Ebook: Advanced Linear Cryptanalysis of Block and Stream Ciphers

Linear cryptanalysis, whose original ideas can be traced back to the seminal works of Anne Tardy-Corfdir and Henri Gilbert, A Known Plaintext Attack of FEAL-4 and FEAL-6, presented at Crypto'91, as well as the now classical paper of Eurocrypt'93 by Mitsuru Matsui, Linear Cryptanalyis of DES Cipher, has quickly demonstrated to be one of the most efficient ways to break symmetrical cryptographic primitives.

Since its invention in the early 90s, several theoretical and practical aspects of this technique have been well studied, understood and generalized, resulting on the one hand in much more elaborated attacks against certain ciphers and on the other hand, in some negative results regarding the potential of various attempts of generalization.

We believe that the field is now sufficiently mature to take a snapshot of its current state and look at future potential developments. This volume aims at giving a recent state-of-the-art in the discipline, and to expose its latest developments.

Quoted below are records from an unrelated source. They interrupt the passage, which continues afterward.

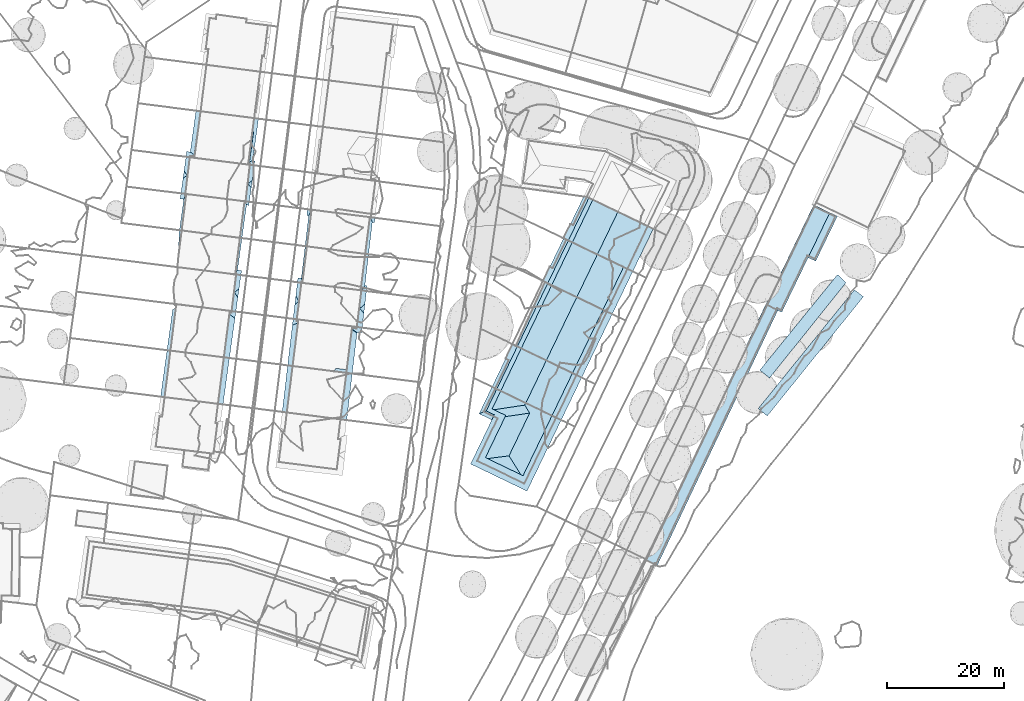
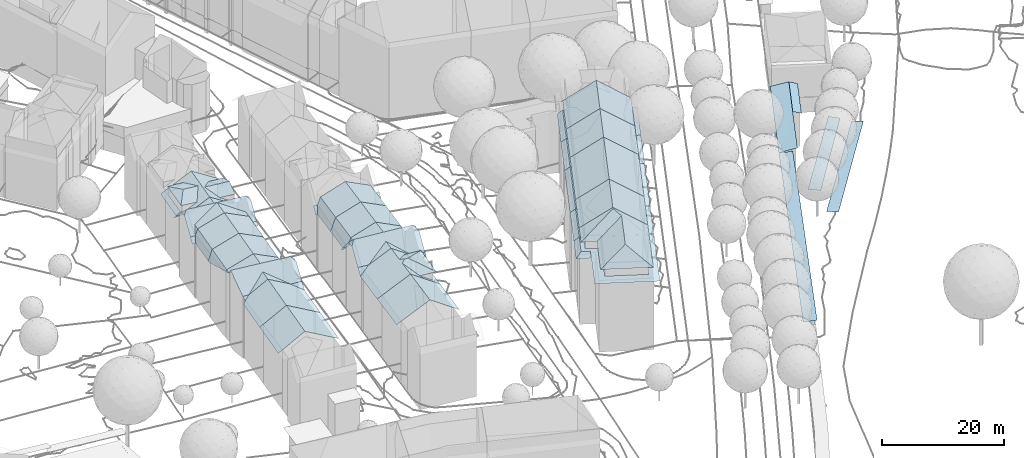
# Not in any storey, part 67 of 494: 31 roofs.
"""IFC2X3 model written with IfcOpenShell, lengths in metres."""

from ifc_helpers import new_model, si_unit, frame, origin_with_axes, place, context, subcontext, project, faceted_brep, element, save


model = new_model("IFC2X3")

# Units and contexts
model_context = context("Model", 3, precision=1e-05, world=origin_with_axes())
body_context = subcontext(model_context, "Body", "Model", "MODEL_VIEW")
ifc_project = project(units=[si_unit("AREAUNIT", "SQUARE_METRE"), si_unit("LENGTHUNIT", "METRE")], contexts=[model_context])

# Roofs
roof_1_placement = place(None, frame((495.5237320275, 54.2186160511, 497.0566), z_axis=(0.0, 0.0, 1.0), x_axis=(1.0, 0.0, 0.0)))
element("IfcRoof", 1, at=roof_1_placement, Name="Roof 0", ShapeType="NOTDEFINED", context=body_context, shape_type="Brep", body=[
    faceted_brep([(1.4809999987, -0.7148999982, 16.1765), (5.0979999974, 6.7939000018, 16.1765), (0.805999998, -0.3886999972, 16.1765), (6.6919999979, 10.1035000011, 16.1765), (6.0159999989, 10.4266999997, 16.1765)], [[[0, 1, 2]], [[1, 3, 4]], [[1, 4, 2]]]),
])
roof_2_placement = place(None, frame((495.5237320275, 54.2186160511, 497.0566), z_axis=(0.0, 0.0, 1.0), x_axis=(1.0, 0.0, 0.0)))
element("IfcRoof", 2, at=roof_2_placement, Name="Roof 1", ShapeType="NOTDEFINED", context=body_context, shape_type="Brep", body=[
    faceted_brep([(0.805999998, -0.3886999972, 16.1765), (1.5599999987, 1.8789000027, 15.9345), (0.5759999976, -0.2784000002, 15.9745), (2.8189999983, 4.638600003, 15.8845), (6.0159999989, 10.4266999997, 16.1765), (5.5590000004, 10.6464000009, 15.7755), (0.5370000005, -0.2588, 15.9395), (2.3440000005, 4.8662, 15.4665), (0.0, 0.0, 15.4665), (5.2080000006, 10.8144000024, 15.4665)], [[[0, 1, 2]], [[1, 0, 3]], [[3, 4, 5]], [[4, 3, 0]], [[2, 1, 6]], [[7, 8, 6]], [[6, 1, 7]], [[3, 5, 9]], [[9, 7, 3]], [[3, 7, 1]]]),
])
roof_3_placement = place(None, frame((495.5237320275, 54.2186160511, 497.0566), z_axis=(0.0, 0.0, 1.0), x_axis=(1.0, 0.0, 0.0)))
element("IfcRoof", 3, at=roof_3_placement, Name="Roof 2", ShapeType="NOTDEFINED", context=body_context, shape_type="Brep", body=[
    faceted_brep([(12.2119999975, -0.8652999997, 16.1765), (10.2449999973, -4.9483000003, 16.1765), (11.8229999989, -5.7099999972, 16.1765), (17.0480000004, 5.1405999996, 16.1765), (15.4690000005, 5.8964000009, 16.1765)], [[[0, 1, 2]], [[3, 4, 0]], [[3, 0, 2]]]),
])
roof_4_placement = place(None, frame((495.5237320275, 54.2186160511, 497.0566), z_axis=(0.0, 0.0, 1.0), x_axis=(1.0, 0.0, 0.0)))
element("IfcRoof", 4, at=roof_4_placement, Name="Roof 3", ShapeType="NOTDEFINED", context=body_context, shape_type="Brep", body=[
    faceted_brep([(10.2449999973, -4.9483000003, 18.5382), (10.9210000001, -5.2744999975, 18.0403), (16.1459999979, 5.5722000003, 18.0403), (5.7670000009, -2.7851999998, 21.8379), (10.9839999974, 8.0459000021, 21.8379), (15.4690000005, 5.8974000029, 18.5382), (1.4809999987, -0.7148999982, 18.5572), (6.6919999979, 10.1025000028, 18.5572), (0.805999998, -0.3886999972, 18.0403), (6.0159999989, 10.4266999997, 18.0403)], [[[0, 1, 2]], [[3, 0, 4]], [[0, 5, 4]], [[5, 0, 2]], [[6, 3, 7]], [[8, 6, 7]], [[7, 9, 8]], [[4, 7, 3]]]),
])
roof_5_placement = place(None, frame((504.2517320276, 72.3416160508, 498.9665), z_axis=(0.0, 0.0, 1.0), x_axis=(1.0, 0.0, 0.0)))
element("IfcRoof", 5, at=roof_5_placement, Name="Roof 0", ShapeType="NOTDEFINED", context=body_context, shape_type="Brep", body=[
    faceted_brep([(0.0, 0.0, 13.5567), (0.8079999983, -0.3866999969, 14.2666), (1.1909999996, 2.4736000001, 13.5567), (3.9849999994, 7.0654000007, 13.9726), (4.0260000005, 7.0596000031, 14.0036), (3.4389999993, 7.1425999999, 13.5567), (4.3259999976, 6.9150000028, 14.2666), (5.0020000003, 6.5898000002, 14.2666), (1.4849999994, -0.7108999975, 14.2666)], [[[0, 1, 2]], [[2, 1, 3]], [[4, 3, 1]], [[5, 2, 3]], [[1, 6, 4]], [[6, 1, 7]], [[7, 1, 8]]]),
])
roof_6_placement = place(None, frame((504.2517320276, 72.3416160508, 498.9665), z_axis=(0.0, 0.0, 1.0), x_axis=(1.0, 0.0, 0.0)))
element("IfcRoof", 6, at=roof_6_placement, Name="Roof 1", ShapeType="NOTDEFINED", context=body_context, shape_type="Brep", body=[
    faceted_brep([(11.3829999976, -4.306599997, 14.2666), (11.8420000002, -5.6699000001, 14.2666), (15.3509999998, 1.6162, 14.2666), (14.4289999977, 2.0596000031, 14.2666), (10.9389999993, -5.2372999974, 14.2666), (12.2359999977, -2.5263999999, 14.2076)], [[[0, 1, 2]], [[0, 2, 3]], [[4, 1, 0]], [[5, 4, 0]]]),
])
roof_7_placement = place(None, frame((504.2517320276, 72.3416160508, 498.9665), z_axis=(0.0, 0.0, 1.0), x_axis=(1.0, 0.0, 0.0)))
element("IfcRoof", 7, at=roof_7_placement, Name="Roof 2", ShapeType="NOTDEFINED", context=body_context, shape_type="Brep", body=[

It consists of five parts:

- The first part, written by Baudoin Collard and François-Xavier Standaert, provides a thorough treatement and an experimental survey of the basic assumptions in linear cryptanalysis and their consequences for the design of modern block ciphers.

- The second part, written by Miia Hermelin and Kaisa Nyberg, is exposing a theory of multidimensional linear attacks on block ciphers.

- The third part, written by Martin Hell and Thomas Johansson, is a survey of how linear attacks can be applied on stream ciphers that gives an overview of the development of linear attacks as well as a theoretical explanation on how a linear attack on a stream cipher is typically launched today.

- The fourth part, written by Benoît Gérard and Jean-Pierre Tillich, details several interesting and useful links between linear cryptanalysis and coding theory.

- Finally, the fifth part, written by Joan Daemen and Vincent Rijmen, discusses how correlation analysis can be conducted at the level of elements of GF(2ⁿ) without having to deal with field representation issues.

We hope that the contents of this book will be useful and appreciated by anybody willing to dive into this fascinating, yet complex part of symmetrical cryptanalysis.

Finally, we would like to warmly thank many people: the authors of the five parts, for their high-quality contributions; Raphael C.-W. Phan, a coordinating editor of the Information for Cryptology and Information Security Series published by IOS Press, for having proposed us to edit a volume related to linear cryptanalysis; and Maarten Fröhlich, Carry Koolbergen and Maureen Twaig, from IOS Press, for their patience with respect to the numerous missed deadlines and the smooth publishing process.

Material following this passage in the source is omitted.